UNASSIGNED: Twelve studies met the inclusion criteria. Omalizumab had remarkable effects on the patient percentage of the weekly urticaria activity score is zero (UAS = 0) [RR 4.64, 95% CI (3.38, 6.37)], percentage of no angioedema-burdened days [MD 3.15, 95% CI (0.10, 6.19], patient percentage of UAS ≤6 [RR 3.05, 95% CI (2.46, 3.78)], and patient percentage of the weekly itch severity score minimally important difference (ISS7 MID) [RR 1.50, 95% CI (1.36, 1.66)]. Omalizumab was well tolerated across studies [RR 0.98, 95% CI (0.90, 1.08)]. TSA confirmed the above results, except for \"the percentage of no angioedema-burdened day\".
UNASSIGNED: Among the different doses and courses assessed, omalizumab (300 mg, 12 weeks) can be recommended as an effective treatment for patients with CSU. However, whether omalizumab improves angioedema requires further investigation. The clinical management of angioedema accompanying CSU requires further attention.
摘要:
■稳定性,功效,不同剂量和方案的奥马珠单抗治疗慢性自发性荨麻疹(CSU)的安全性尚待研究.
■进行了系统评价(SR)和荟萃分析(MA)和试验序贯分析(TSA),以评估奥马珠单抗在CSU中的疗效和安全性。
■对CSU给予奥马珠单抗与安慰剂的随机对照试验(RCT)进行了检索。使用计划的亚组分析进行随机效应MA。进行TSA以控制随机误差的风险并评估我们的MA结果的稳定性。使用轮廓增强漏斗图和修剪填充方法对出版偏差进行视觉评估。使用Cochrane偏差风险工具2评估随机对照试验的质量。
■12项研究符合纳入标准。奥马珠单抗对每周荨麻疹活动评分为零的患者百分比有显著影响(UAS=0)[RR4.64,95%CI(3.38,6.37)],无血管性水肿负担天数的百分比[MD3.15,95%CI(0.10,6.19],UAS≤6的患者百分比[RR3.05,95%CI(2.46,3.78)],和患者每周瘙痒严重程度评分最低重要差异(ISS7MID)的百分比[RR1.50,95%CI(1.36,1.66)]。奥马珠单抗在所有研究中耐受性良好[RR0.98,95%CI(0.90,1.08)]。运输安全管理局证实了上述结果,除了“没有血管性水肿负担的一天的百分比”。

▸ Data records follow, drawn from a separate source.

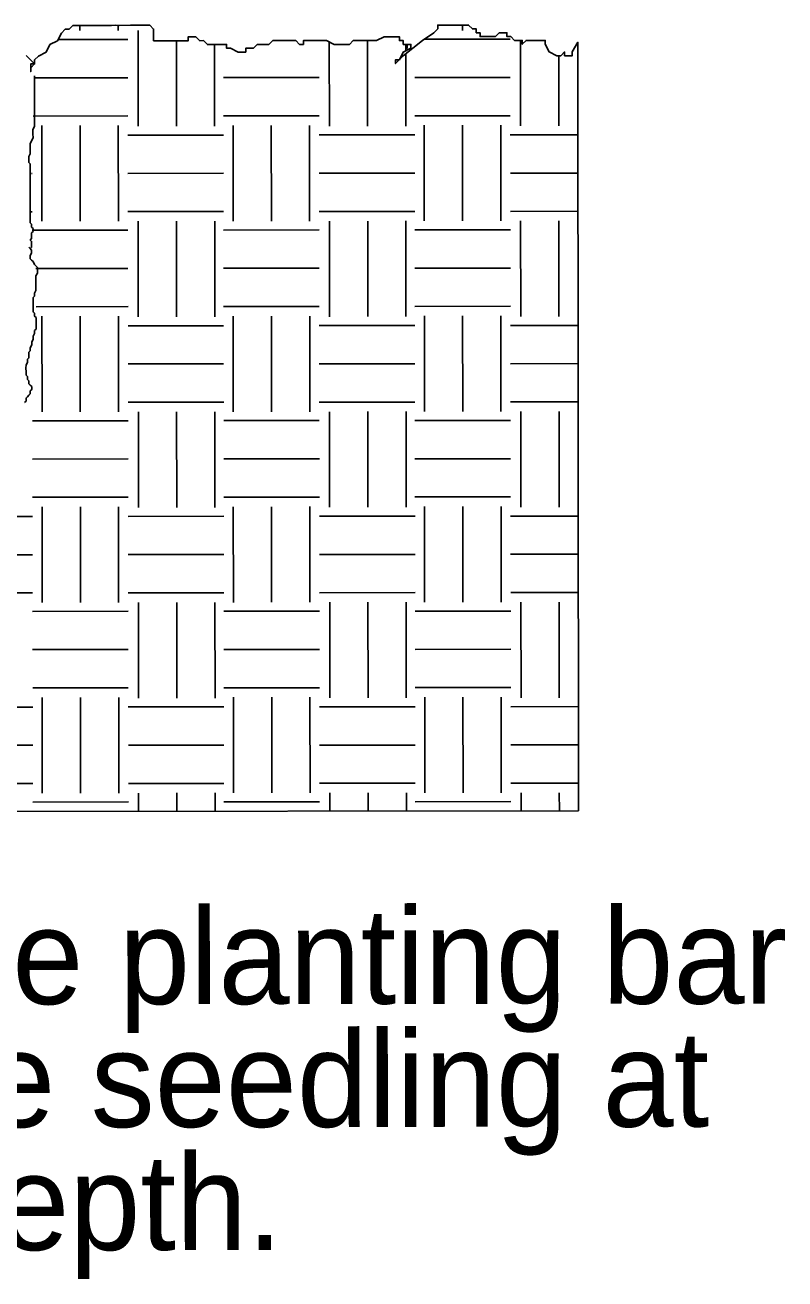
# Model space of a CAD drawing. Extents: x 1728110 to 1729925, y 1284214 to 1285339.
# Drawn here: x 1728835 to 1728889.8, y 1284892.4 to 1284982.8 of the extents above; entities that cross this region are included whole.
import ezdxf

# ---------------------------------------------------------------- set-up
doc = ezdxf.new("R2010")
doc.units = 0
doc.layers.add('Reforestation Detail CELL', color=7, linetype='Continuous')

msp = doc.modelspace()

# ---------------------------------------------------------------- linework, layer by layer
at = {"layer": 'Reforestation Detail CELL'}
for p, q in [((1728838.954, 1284982.743), (1728838.955, 1284982.364)), ((1728841.711, 1284982.746), (1728841.711, 1284982.366)), ((1728866.513, 1284982.764), (1728866.513, 1284982.385)), ((1728837.389, 1284981.722), (1728842.4, 1284981.726)), ((1728843.14, 1284982.367), (1728843.145, 1284975.478)), ((1728845.897, 1284981.64), (1728845.901, 1284975.48)), ((1728859.675, 1284981.651), (1728859.68, 1284975.49)), ((1728863.763, 1284981.742), (1728869.959, 1284981.747)), ((1728870.699, 1284981.659), (1728870.703, 1284975.498)), ((1728848.652, 1284981.366), (1728848.657, 1284975.482)), ((1728856.92, 1284981.545), (1728856.924, 1284975.488)), ((1728862.432, 1284981.376), (1728862.432, 1284980.915)), ((1728862.433, 1284980.693), (1728862.436, 1284975.493)), ((1728874.836, 1284981.524), (1728874.877, 1284926.15)), ((1728873.456, 1284980.553), (1728873.46, 1284975.501)), ((1728835.654, 1284978.965), (1728842.402, 1284978.971)), ((1728849.292, 1284978.976), (1728856.182, 1284978.981)), ((1728863.071, 1284978.986), (1728869.961, 1284978.991)), ((1728835.574, 1284976.209), (1728842.404, 1284976.215)), ((1728849.293, 1284976.22), (1728856.184, 1284976.225)), ((1728863.073, 1284976.23), (1728869.963, 1284976.235)), ((1728836.204, 1284975.521), (1728836.209, 1284968.631)), ((1728838.96, 1284975.522), (1728838.965, 1284968.633)), ((1728841.716, 1284975.525), (1728841.721, 1284968.635)), ((1728849.983, 1284975.531), (1728849.989, 1284968.641)), ((1728852.739, 1284975.534), (1728852.745, 1284968.643)), ((1728855.495, 1284975.535), (1728855.501, 1284968.646)), ((1728863.763, 1284975.542), (1728863.767, 1284968.652)), ((1728866.518, 1284975.544), (1728866.524, 1284968.654)), ((1728869.274, 1284975.546), (1728869.279, 1284968.656)), ((1728842.405, 1284974.836), (1728849.295, 1284974.841)), ((1728856.184, 1284974.847), (1728863.075, 1284974.852)), ((1728869.964, 1284974.857), (1728874.841, 1284974.861)), ((1728835.453, 1284972.075), (1728835.518, 1284972.075)), ((1728842.407, 1284972.08), (1728849.296, 1284972.085)), ((1728856.187, 1284972.091), (1728863.076, 1284972.096)), ((1728869.966, 1284972.102), (1728874.843, 1284972.105)), ((1728835.372, 1284969.32), (1728835.52, 1284969.319)), ((1728842.409, 1284969.324), (1728849.299, 1284969.329)), ((1728856.189, 1284969.335), (1728863.078, 1284969.341)), ((1728869.968, 1284969.345), (1728874.845, 1284969.349)), ((1728843.15, 1284968.636), (1728843.155, 1284961.747)), ((1728845.906, 1284968.638), (1728845.911, 1284961.749)), ((1728848.662, 1284968.64), (1728848.667, 1284961.75)), ((1728849.3, 1284968.001), (1728856.189, 1284968.006)), ((1728856.929, 1284968.647), (1728856.935, 1284961.757)), ((1728859.685, 1284968.648), (1728859.691, 1284961.759)), ((1728862.441, 1284968.651), (1728862.446, 1284961.761)), ((1728863.08, 1284968.011), (1728869.969, 1284968.016)), ((1728870.708, 1284968.657), (1728870.714, 1284961.767)), ((1728873.465, 1284968.659), (1728873.469, 1284961.769)), ((1728835.52, 1284967.99), (1728842.41, 1284967.994)), ((1728835.783, 1284965.234), (1728842.412, 1284965.239)), ((1728849.302, 1284965.245), (1728856.192, 1284965.25)), ((1728863.081, 1284965.255), (1728869.971, 1284965.26)), ((1728835.785, 1284962.478), (1728842.414, 1284962.484)), ((1728836.214, 1284961.789), (1728836.219, 1284954.9)), ((1728838.97, 1284961.791), (1728838.975, 1284954.902)), ((1728841.726, 1284961.794), (1728841.731, 1284954.904)), ((1728849.305, 1284962.489), (1728856.194, 1284962.494)), ((1728849.994, 1284961.8), (1728849.999, 1284954.91)), ((1728852.75, 1284961.801), (1728852.755, 1284954.912)), ((1728855.505, 1284961.804), (1728855.511, 1284954.914)), ((1728863.083, 1284962.499), (1728869.974, 1284962.504)), ((1728863.773, 1284961.81), (1728863.778, 1284954.921)), ((1728866.529, 1284961.813), (1728866.534, 1284954.922)), ((1728869.285, 1284961.814), (1728869.29, 1284954.925)), ((1728842.416, 1284961.105), (1728849.305, 1284961.11)), ((1728856.195, 1284961.115), (1728863.084, 1284961.12)), ((1728869.974, 1284961.126), (1728874.852, 1284961.13)), ((1728842.417, 1284958.349), (1728849.307, 1284958.354)), ((1728856.197, 1284958.359), (1728863.086, 1284958.364)), ((1728869.977, 1284958.37), (1728874.853, 1284958.374)), ((1728842.419, 1284955.593), (1728849.309, 1284955.598)), ((1728856.199, 1284955.603), (1728863.088, 1284955.61)), ((1728869.979, 1284955.614), (1728874.855, 1284955.618)), ((1728843.16, 1284954.905), (1728843.165, 1284948.015)), ((1728845.916, 1284954.907), (1728845.921, 1284948.018)), ((1728848.672, 1284954.909), (1728848.677, 1284948.019)), ((1728856.94, 1284954.915), (1728856.945, 1284948.026)), ((1728859.696, 1284954.917), (1728859.701, 1284948.028)), ((1728862.451, 1284954.92), (1728862.457, 1284948.029)), ((1728870.719, 1284954.926), (1728870.724, 1284948.036)), ((1728873.475, 1284954.928), (1728873.48, 1284948.038)), ((1728835.53, 1284954.258), (1728842.421, 1284954.263)), ((1728849.31, 1284954.269), (1728856.201, 1284954.274)), ((1728863.09, 1284954.28), (1728869.979, 1284954.285)), ((1728835.533, 1284951.502), (1728842.422, 1284951.507)), ((1728849.312, 1284951.513), (1728856.202, 1284951.518)), ((1728863.092, 1284951.524), (1728869.982, 1284951.529)), ((1728835.535, 1284948.746), (1728842.424, 1284948.752)), ((1728849.315, 1284948.757), (1728856.204, 1284948.763)), ((1728863.094, 1284948.768), (1728869.984, 1284948.773)), ((1728832.278, 1284947.367), (1728835.535, 1284947.369)), ((1728836.224, 1284948.058), (1728836.229, 1284941.168)), ((1728838.98, 1284948.06), (1728838.986, 1284941.171)), ((1728841.736, 1284948.062), (1728841.741, 1284941.173)), ((1728842.426, 1284947.374), (1728849.315, 1284947.379)), ((1728850.004, 1284948.068), (1728850.009, 1284941.179)), ((1728852.76, 1284948.07), (1728852.765, 1284941.181)), ((1728855.516, 1284948.073), (1728855.521, 1284941.183)), ((1728856.205, 1284947.384), (1728863.095, 1284947.389)), ((1728863.783, 1284948.079), (1728863.789, 1284941.189)), ((1728866.539, 1284948.082), (1728866.545, 1284941.191)), ((1728869.295, 1284948.083), (1728869.3, 1284941.193)), ((1728869.984, 1284947.394), (1728874.862, 1284947.399)), ((1728828.648, 1284944.608), (1728835.538, 1284944.613)), ((1728842.428, 1284944.618), (1728849.317, 1284944.623)), ((1728856.207, 1284944.628), (1728863.097, 1284944.633)), ((1728869.987, 1284944.638), (1728874.864, 1284944.643)), ((1728828.651, 1284941.852), (1728835.54, 1284941.857)), ((1728842.429, 1284941.862), (1728849.32, 1284941.867)), ((1728856.209, 1284941.872), (1728863.099, 1284941.877)), ((1728869.989, 1284941.882), (1728874.865, 1284941.887)), ((1728843.171, 1284941.174), (1728843.176, 1284934.284)), ((1728845.927, 1284941.176), (1728845.931, 1284934.286)), ((1728848.682, 1284941.178), (1728848.688, 1284934.288)), ((1728856.95, 1284941.184), (1728856.955, 1284934.294)), ((1728859.706, 1284941.186), (1728859.711, 1284934.297)), ((1728862.462, 1284941.188), (1728862.467, 1284934.298)), ((1728870.729, 1284941.194), (1728870.735, 1284934.305)), ((1728873.485, 1284941.196), (1728873.491, 1284934.307)), ((1728835.541, 1284940.527), (1728842.431, 1284940.532)), ((1728849.32, 1284940.537), (1728856.21, 1284940.542)), ((1728863.1, 1284940.548), (1728869.989, 1284940.554)), ((1728835.543, 1284937.771), (1728842.433, 1284937.776)), ((1728849.322, 1284937.782), (1728856.212, 1284937.786)), ((1728863.102, 1284937.792), (1728869.992, 1284937.797)), ((1728835.545, 1284935.015), (1728842.434, 1284935.021)), ((1728849.325, 1284935.025), (1728856.214, 1284935.031)), ((1728863.105, 1284935.036), (1728869.994, 1284935.042)), ((1728836.235, 1284934.327), (1728836.24, 1284927.437)), ((1728838.991, 1284934.329), (1728838.995, 1284927.439)), ((1728841.746, 1284934.331), (1728841.752, 1284927.442)), ((1728850.014, 1284934.337), (1728850.019, 1284927.447)), ((1728852.77, 1284934.339), (1728852.775, 1284927.45)), ((1728855.526, 1284934.341), (1728855.531, 1284927.452)), ((1728863.794, 1284934.347), (1728863.799, 1284927.458)), ((1728866.55, 1284934.349), (1728866.555, 1284927.46)), ((1728869.305, 1284934.352), (1728869.311, 1284927.462)), ((1728828.656, 1284933.632), (1728835.547, 1284933.638)), ((1728842.436, 1284933.643), (1728849.325, 1284933.648)), ((1728856.216, 1284933.653), (1728863.105, 1284933.658)), ((1728869.995, 1284933.663), (1728874.872, 1284933.667)), ((1728828.658, 1284930.877), (1728835.549, 1284930.882)), ((1728842.438, 1284930.887), (1728849.328, 1284930.892)), ((1728856.217, 1284930.897), (1728863.107, 1284930.902)), ((1728869.997, 1284930.907), (1728874.874, 1284930.911)), ((1728828.661, 1284928.121), (1728835.55, 1284928.126)), ((1728842.44, 1284928.131), (1728849.33, 1284928.136)), ((1728843.181, 1284927.442), (1728843.182, 1284926.127)), ((1728845.937, 1284927.445), (1728845.937, 1284926.129)), ((1728848.693, 1284927.447), (1728848.693, 1284926.13)), ((1728856.219, 1284928.141), (1728863.11, 1284928.146)), ((1728856.961, 1284927.453), (1728856.961, 1284926.137)), ((1728859.716, 1284927.455), (1728859.717, 1284926.139)), ((1728862.472, 1284927.457), (1728862.473, 1284926.141)), ((1728869.999, 1284928.151), (1728874.876, 1284928.155)), ((1728870.74, 1284927.463), (1728870.741, 1284926.147)), ((1728873.495, 1284927.465), (1728873.497, 1284926.15)), ((1728835.552, 1284926.796), (1728842.441, 1284926.801)), ((1728849.33, 1284926.806), (1728856.221, 1284926.811)), ((1728863.11, 1284926.816), (1728870, 1284926.821)), ((1728792.974, 1284926.089), (1728874.877, 1284926.15))]:
    msp.add_line(p, q, dxfattribs=at)
for points in [[(1728835.08, 1284980.576), (1728835.131, 1284980.525), (1728835.685, 1284979.971), (1728835.408, 1284979.971), (1728835.409, 1284979.694), (1728835.408, 1284979.418), (1728835.409, 1284979.694), (1728835.685, 1284979.971), (1728835.685, 1284980.249), (1728835.962, 1284980.526), (1728836.515, 1284980.803), (1728836.791, 1284981.357), (1728837.344, 1284981.634), (1728837.621, 1284982.188), (1728837.896, 1284982.465), (1728838.174, 1284982.465), (1728838.45, 1284982.743), (1728838.727, 1284982.743), (1728839.003, 1284982.744), (1728839.557, 1284982.744), (1728839.834, 1284982.744), (1728840.387, 1284982.744), (1728840.663, 1284982.745), (1728840.94, 1284982.745), (1728841.217, 1284982.745), (1728841.493, 1284982.746), (1728841.77, 1284982.745), (1728842.6, 1284982.746), (1728842.878, 1284982.746), (1728843.154, 1284982.746), (1728843.431, 1284982.747), (1728843.707, 1284982.747), (1728843.984, 1284982.747), (1728844.26, 1284982.47), (1728844.261, 1284981.916), (1728844.261, 1284981.639), (1728844.539, 1284981.64), (1728845.091, 1284981.64), (1728845.645, 1284981.64), (1728845.921, 1284981.641), (1728846.199, 1284981.641), (1728846.475, 1284981.64), (1728846.752, 1284981.641), (1728846.752, 1284981.918), (1728847.027, 1284981.918), (1728847.305, 1284981.917), (1728847.582, 1284981.641), (1728847.859, 1284981.642), (1728848.135, 1284981.365), (1728848.413, 1284981.366), (1728848.688, 1284981.366), (1728848.966, 1284981.366), (1728849.242, 1284981.366), (1728849.519, 1284981.367), (1728849.519, 1284981.089), (1728849.797, 1284981.089), (1728850.35, 1284980.814), (1728850.626, 1284980.814), (1728850.903, 1284980.815), (1728850.903, 1284981.09), (1728851.18, 1284981.09), (1728851.456, 1284981.09), (1728851.733, 1284981.368), (1728852.009, 1284981.369), (1728852.286, 1284981.369), (1728852.563, 1284981.368), (1728852.839, 1284981.646), (1728853.393, 1284981.645), (1728853.67, 1284981.646), (1728853.946, 1284981.646), (1728854.222, 1284981.647), (1728854.5, 1284981.647), (1728854.777, 1284981.371), (1728855.053, 1284981.37), (1728855.052, 1284981.647), (1728855.33, 1284981.648), (1728855.607, 1284981.647), (1728855.883, 1284981.647), (1728856.16, 1284981.648), (1728856.436, 1284981.648), (1728856.713, 1284981.648), (1728857.266, 1284981.372), (1728857.544, 1284981.372), (1728857.819, 1284981.373), (1728858.097, 1284981.373), (1728858.374, 1284981.373), (1728858.65, 1284981.65), (1728858.927, 1284981.65), (1728859.204, 1284981.65), (1728859.479, 1284981.65), (1728859.757, 1284981.651), (1728860.31, 1284981.651), (1728860.863, 1284981.928)], [(1728860.863, 1284981.928), (1728860.31, 1284981.651), (1728859.757, 1284981.651), (1728859.479, 1284981.65), (1728859.204, 1284981.65), (1728858.927, 1284981.65), (1728858.65, 1284981.65), (1728858.374, 1284981.373), (1728858.097, 1284981.373), (1728857.819, 1284981.373), (1728857.544, 1284981.372), (1728857.266, 1284981.372), (1728856.713, 1284981.648), (1728856.436, 1284981.648), (1728856.16, 1284981.648), (1728855.883, 1284981.647), (1728855.607, 1284981.647), (1728855.33, 1284981.648), (1728855.052, 1284981.647), (1728855.053, 1284981.37), (1728854.777, 1284981.371), (1728854.5, 1284981.647), (1728854.222, 1284981.647), (1728853.946, 1284981.646), (1728853.67, 1284981.646), (1728853.393, 1284981.645), (1728852.839, 1284981.646), (1728852.563, 1284981.368), (1728852.286, 1284981.369), (1728852.009, 1284981.369), (1728851.733, 1284981.368), (1728851.456, 1284981.09), (1728851.18, 1284981.09), (1728850.903, 1284981.09), (1728850.903, 1284980.815), (1728850.626, 1284980.814), (1728850.35, 1284980.814), (1728849.797, 1284981.089), (1728849.519, 1284981.089), (1728849.519, 1284981.367), (1728849.242, 1284981.366), (1728848.966, 1284981.366), (1728848.688, 1284981.366), (1728848.413, 1284981.366), (1728848.135, 1284981.365), (1728847.859, 1284981.642), (1728847.582, 1284981.641), (1728847.305, 1284981.917), (1728847.027, 1284981.918), (1728846.752, 1284981.918), (1728846.752, 1284981.641), (1728846.475, 1284981.64), (1728846.199, 1284981.641), (1728845.921, 1284981.641), (1728845.645, 1284981.64), (1728845.091, 1284981.64), (1728844.539, 1284981.64), (1728844.261, 1284981.639), (1728844.261, 1284981.916), (1728844.26, 1284982.47), (1728843.984, 1284982.747), (1728843.707, 1284982.747), (1728843.431, 1284982.747), (1728843.154, 1284982.746), (1728842.878, 1284982.746), (1728842.6, 1284982.746), (1728841.77, 1284982.745), (1728841.493, 1284982.746), (1728841.217, 1284982.745), (1728840.94, 1284982.745), (1728840.663, 1284982.745), (1728840.387, 1284982.744), (1728839.834, 1284982.744), (1728839.557, 1284982.744), (1728839.003, 1284982.744), (1728838.727, 1284982.743), (1728838.45, 1284982.743), (1728838.174, 1284982.465), (1728837.896, 1284982.465), (1728837.621, 1284982.188), (1728837.344, 1284981.634), (1728836.791, 1284981.357), (1728836.515, 1284980.803), (1728835.962, 1284980.526), (1728835.685, 1284980.249), (1728835.685, 1284979.971), (1728835.409, 1284979.694), (1728835.408, 1284979.418), (1728835.409, 1284979.694), (1728835.408, 1284979.971), (1728835.685, 1284979.971), (1728835.131, 1284980.525), (1728835.08, 1284980.576)], [(1728860.863, 1284981.928), (1728861.417, 1284981.929), (1728861.694, 1284981.929), (1728861.97, 1284981.929), (1728861.971, 1284981.653), (1728862.247, 1284981.652), (1728862.247, 1284981.376), (1728862.247, 1284981.652), (1728862.247, 1284981.376), (1728862.524, 1284981.376), (1728862.525, 1284981.099), (1728862.524, 1284981.376), (1728862.801, 1284981.376), (1728862.801, 1284981.099), (1728862.248, 1284980.823), (1728861.972, 1284980.268), (1728861.695, 1284980.269), (1728861.696, 1284979.99), (1728862.248, 1284980.545), (1728863.631, 1284981.654), (1728864.46, 1284982.209), (1728864.737, 1284982.485), (1728864.737, 1284982.762), (1728865.013, 1284982.763), (1728865.567, 1284982.763), (1728865.843, 1284982.763), (1728866.121, 1284982.764), (1728866.397, 1284982.764), (1728866.673, 1284982.764), (1728866.951, 1284982.764), (1728867.227, 1284982.487), (1728867.504, 1284982.488), (1728867.504, 1284982.21), (1728867.781, 1284982.21), (1728867.781, 1284981.933), (1728868.058, 1284981.934), (1728868.335, 1284981.934), (1728868.888, 1284981.935), (1728869.164, 1284982.212), (1728869.441, 1284982.212), (1728869.717, 1284982.212), (1728869.717, 1284981.935), (1728869.995, 1284981.935), (1728870.272, 1284981.659), (1728870.549, 1284981.659), (1728870.825, 1284981.658), (1728870.825, 1284981.382), (1728871.101, 1284981.659), (1728871.378, 1284981.659), (1728871.655, 1284981.659), (1728871.932, 1284981.66), (1728872.208, 1284981.66), (1728872.485, 1284981.66), (1728872.486, 1284981.384), (1728872.763, 1284980.831), (1728873.316, 1284980.553), (1728873.593, 1284980.554), (1728873.869, 1284980.831), (1728873.869, 1284980.554), (1728874.146, 1284980.554), (1728874.423, 1284980.555), (1728874.423, 1284980.832), (1728874.836, 1284981.524), (1728874.836, 1284981.524)], [(1728874.836, 1284981.524), (1728874.836, 1284981.524), (1728874.423, 1284980.832), (1728874.423, 1284980.555), (1728874.146, 1284980.554), (1728873.869, 1284980.554), (1728873.869, 1284980.831), (1728873.593, 1284980.554), (1728873.316, 1284980.553), (1728872.763, 1284980.831), (1728872.486, 1284981.384), (1728872.485, 1284981.66), (1728872.208, 1284981.66), (1728871.932, 1284981.66), (1728871.655, 1284981.659), (1728871.378, 1284981.659), (1728871.101, 1284981.659), (1728870.825, 1284981.382), (1728870.825, 1284981.658), (1728870.549, 1284981.659), (1728870.272, 1284981.659), (1728869.995, 1284981.935), (1728869.717, 1284981.935), (1728869.717, 1284982.212), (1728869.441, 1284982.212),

■在评估的不同剂量和疗程中,奥马珠单抗(300毫克,12周)可以推荐作为CSU患者的有效治疗方法。然而,奥马珠单抗是否能改善血管性水肿需要进一步研究.伴随CSU的血管性水肿的临床处理需要进一步关注。
■进行了系统评价(SR)和荟萃分析(MA)和试验序贯分析(TSA),以评估奥马珠单抗在CSU中的疗效和安全性。
■对CSU给予奥马珠单抗与安慰剂的随机对照试验(RCT)进行了检索。使用计划的亚组分析进行随机效应MA。进行TSA以控制随机误差的风险并评估我们的MA结果的稳定性。使用轮廓增强漏斗图和修剪填充方法对出版偏差进行视觉评估。使用Cochrane偏差风险工具2评估随机对照试验的质量。
■12项研究符合纳入标准。奥马珠单抗对每周荨麻疹活动评分为零的患者百分比有显著影响(UAS=0)[RR4.64,95%CI(3.38,6.37)],无血管性水肿负担天数的百分比[MD3.15,95%CI(0.10,6.19],UAS≤6的患者百分比[RR3.05,95%CI(2.46,3.78)],和患者每周瘙痒严重程度评分最低重要差异(ISS7MID)的百分比[RR1.50,95%CI(1.36,1.66)]。奥马珠单抗在所有研究中耐受性良好[RR0.98,95%CI(0.90,1.08)]。运输安全管理局证实了上述结果,除了“没有血管性水肿负担的一天的百分比”。
■在评估的不同剂量和疗程中,奥马珠单抗(300毫克,12周)可以推荐作为CSU患者的有效治疗方法。然而,奥马珠单抗是否能改善血管性水肿需要进一步研究.伴随CSU的血管性水肿的临床处理需要进一步关注。